Google Colab can barely be used. It is a free GPU server provided by Google . The GPU computing power provided is okay, but its main problem is that it needs to be over the wall and the storage space is small . The storage space of Google Colab is Get it from Google Drive. Google Drive only provides 15G of free storage space. If you want to expand the space, you still need to spend money.

If you want to use the free cloud server Google Colab, you can do your own Baidu tutorial.

2. Alibaba Cloud paid GPU cloud server

Alibaba Cloud provides GPU cloud server resources. There are two payment models: monthly subscription and pay-per-flow. There are P4 servers and even V100 servers. The performance is strong, and the price is also very touching. The two words describe it as very expensive , and individual users do not recommend it. In addition to Alibaba Cloud providing GPU cloud services, Tencent, Baidu, and Huawei all have corresponding services, but they are all expensive.

3. Configure a computer host

You can configure a desktop host by yourself, which is also an investment in yourself.

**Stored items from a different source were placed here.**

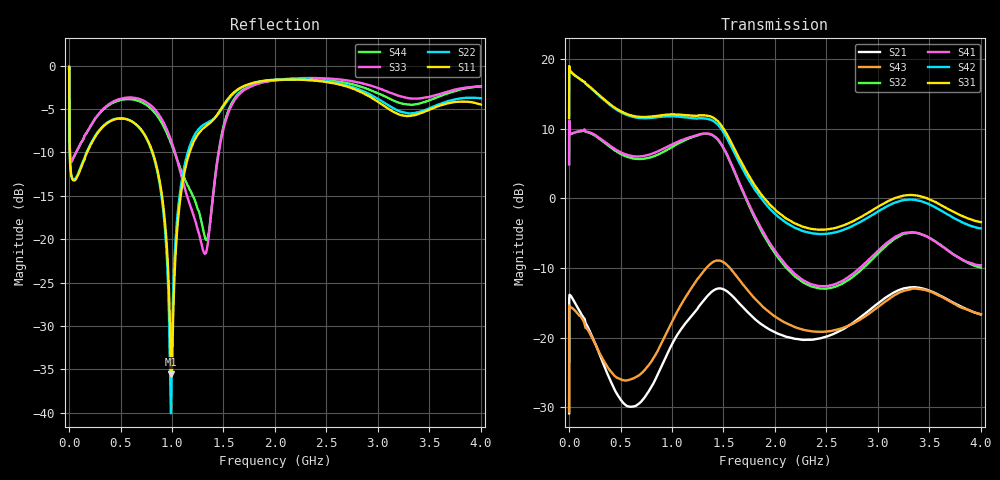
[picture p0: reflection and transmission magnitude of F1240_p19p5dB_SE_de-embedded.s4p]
! Integrated Device Technology
! Corporate Headquarters
! 6024 Silver Creek Valley Road
! San Jose, CA 95138  USA
! Phone:  1-408-284-8200
! Toll Free:  1-800-223-1366
! Webpage:  http://www.idt.com/
! Timing and RF Division
! 515 Groton Road, Suite 102
! Westford, MA 01886-6024
! Device:  F1240
! Description: Dual Intermediate Frequency Digital Variable Gain Amplifier
! Frequency:  10.0 -  500.00 MHz
! Package:  5x5 mm QFN Plastic Package: 32 pin
! Ports:  8 RF, 20 DC
!  Pin  1  = GA3 / Data  Pin 17  = RF OUT_B+
!  Pin  2  = GA4 / CLK  Pin 18  = RF OUT_B-
!  Pin  3  = GA5  Pin 19  = STBY_B
!  Pin  4  = VMODE  Pin 20  = Ground
!  Pin  5  = No Connect  Pin 21  = Ground
!  Pin  6  = GB5  Pin 22  = STB_A
!  Pin  7  = GB4  Pin 23  = RF OUT_A-  = Port 4
!  Pin  8  = GB3  Pin 24  = RF OUT_A+  = Port 3
!  Pin  9  = GB2  Pin 25  = GA0
!  Pin 10  = GB1  Pin 26  = ISET_A
!  Pin 11  = RF IN_B+  Pin 27  = VCC
!  Pin 12  = RF IN_B-  Pin 28  = Ground
!  Pin 13  = Ground  Pin 29  = RF IN_A-  = Port 2
!  Pin 14  = VCC  Pin 30  = RF IN_A+  = Port 1
!  Pin 15  = ISET_B  Pin 31  = GA1
!  Pin 16  = GB0  Pin 32  = GA2 / CSb
! Gain  = +19.5 dB
! State  = 1
! Voltage  = +5.00 V
! Current  = 85.292 mA (one channel only)
! Temperture  =  +25 C
! Test Date  =  2017-10-18
! Board  =  EB4031
! Data:  The device was measured on a custom evaluation board which has
!  individual transmission lines to the RF pins.  Data was collected
!  using a calibrated network analyzer.  The evaluation board was
!  de-embedded using Automatic Fixture Removal.
!  The reference plane is the edge of the package pin.
!  Only Channel A was measured.
!  This data is in single-ended operation.  If your needs are balanced
!  or differential S-parameters then this file needs to be used a
!  linear simulator.
! File Date:  2017-11-10  MJV
! Note:
!  Integrated Device Technology supplies this data as a sample of measured
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# Hz S dB R 100
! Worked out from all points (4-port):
!   410 points, 500 kHz to 4 GHz, reference 100 ohm
!   strongest paths, dB at 500 kHz, 930 MHz, 1.96 GHz, 2.98 GHz, 4 GHz:
!     S31: 11.6, 12.0, -1.0, -1.4, -3.4
!     S42: 11.5, 11.8, -1.6, -2.1, -4.3
!     S41: 4.9, 7.2, -6.6, -7.8, -9.6
!     S32: 4.9, 6.8, -7.0, -8.2, -9.9
!     S43: -30.6, -19.8, -16.5, -15.8, -16.6
!     S21: -30.9, -23.1, -18.9, -15.3, -16.7
!   lowest |S11| = -35.6 dB at 990 MHz (marker M1), VSWR 1.03, Z = 96.8 + j0.729 ohm
!   |S11| at or under -10 dB: 7.662 MHz to 174.7 MHz (167.1 MHz wide, 183 % of centre); 811.8 MHz to 1.17 GHz (358.4 MHz wide, 36.2 % of centre)
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500000  -0.27 -6.9  -30.59 36.4  -27.66 69.4  -64.66 69.1
        -30.86 36.8  -0.26 -6.9  -64.73 71.7  -27.65 70.5
        11.56 -105.7  4.92 72.5  -0.39 0.5  -30.68 -179.9
        4.93 73.6  11.54 -104.6  -30.63 179.8  -0.40 2.8
3500000  -6.51 -47.2  -13.92 15.2  -22.06 6.0  -38.87 40.0
         -13.92 15.1  -6.49 -47.3  -38.84 40.3  -22.06 6.1
         18.77 -170.7  9.79 0.9  -6.17 -41.6  -15.45 24.6
         9.77 0.9  18.76 -170.5  -15.42 24.5  -6.22 -41.5
2.1e8  -9.13 -108.0  -19.34 -113.8  -24.82 -52.0  -33.31 8.6
       -19.36 -112.5  -9.00 -109.9  -33.35 8.6  -24.83 -51.9
       15.93 106.7  9.35 -62.4  -6.92 -78.2  -19.09 -121.3
       9.43 -62.3  15.86 105.8  -19.63 -120.2  -6.95 -77.5
5.5e8  -6.15 -169.3  -29.07 99.9  -26.44 -105.0  -27.54 -58.9
       -29.69 98.9  -6.13 -170.6  -27.71 -57.8  -26.60 -105.4
       12.19 21.9  6.05 -146.4  -3.69 -148.9  -24.80 98.0
       6.32 -147.3  12.05 20.7  -26.16 77.9  -3.87 -148.2
9.9e8  -35.58 166.9  -19.54 -24.8  -23.12 165.6  -22.43 -161.5
       -21.22 -23.6  -40.08 -129.2  -22.79 -157.6  -23.55 165.2
       12.07 -82.6  7.29 120.0  -8.60 149.3  -16.24 -2.9
       7.69 115.0  11.81 -84.5  -18.02 -24.7  -8.93 155.9
1.5e9  -4.54 -134.3  -13.16 165.6  -31.50 46.3  -23.39 67.4
       -13.05 170.9  -4.69 -136.0  -23.48 73.4  -33.90 37.5
       10.03 115.3  7.20 -61.5  -7.27 -102.7  -8.67 166.6
       7.27 -66.6  9.50 113.8  -9.16 159.4  -6.96 -106.4
4e9  -4.48 -159.5  -16.71 51.5  -22.08 -31.3  -19.18 -48.2
     -16.68 50.9  -3.75 -152.5  -21.83 -29.4  -25.76 -9.9
     -3.40 -7.1  -9.93 -153.4  -2.42 -135.6  -14.37 88.6
     -9.61 -163.3  -4.31 1.5  -16.63 62.4  -2.38 -140.1

To configure a good host that can be used for deep learning training needs about 6000 yuan .

The training of deep learning depends on the performance of the graphics card , so you need to configure a better N card, which is the NVIDIA graphics card. The trick of selecting the graphics card is to look at the graphics ladder diagram:

 

 This graphics ladder diagram mainly includes the ranking of commonly used graphics cards in the market , excluding graphics cards with a price of 100,000 like V100.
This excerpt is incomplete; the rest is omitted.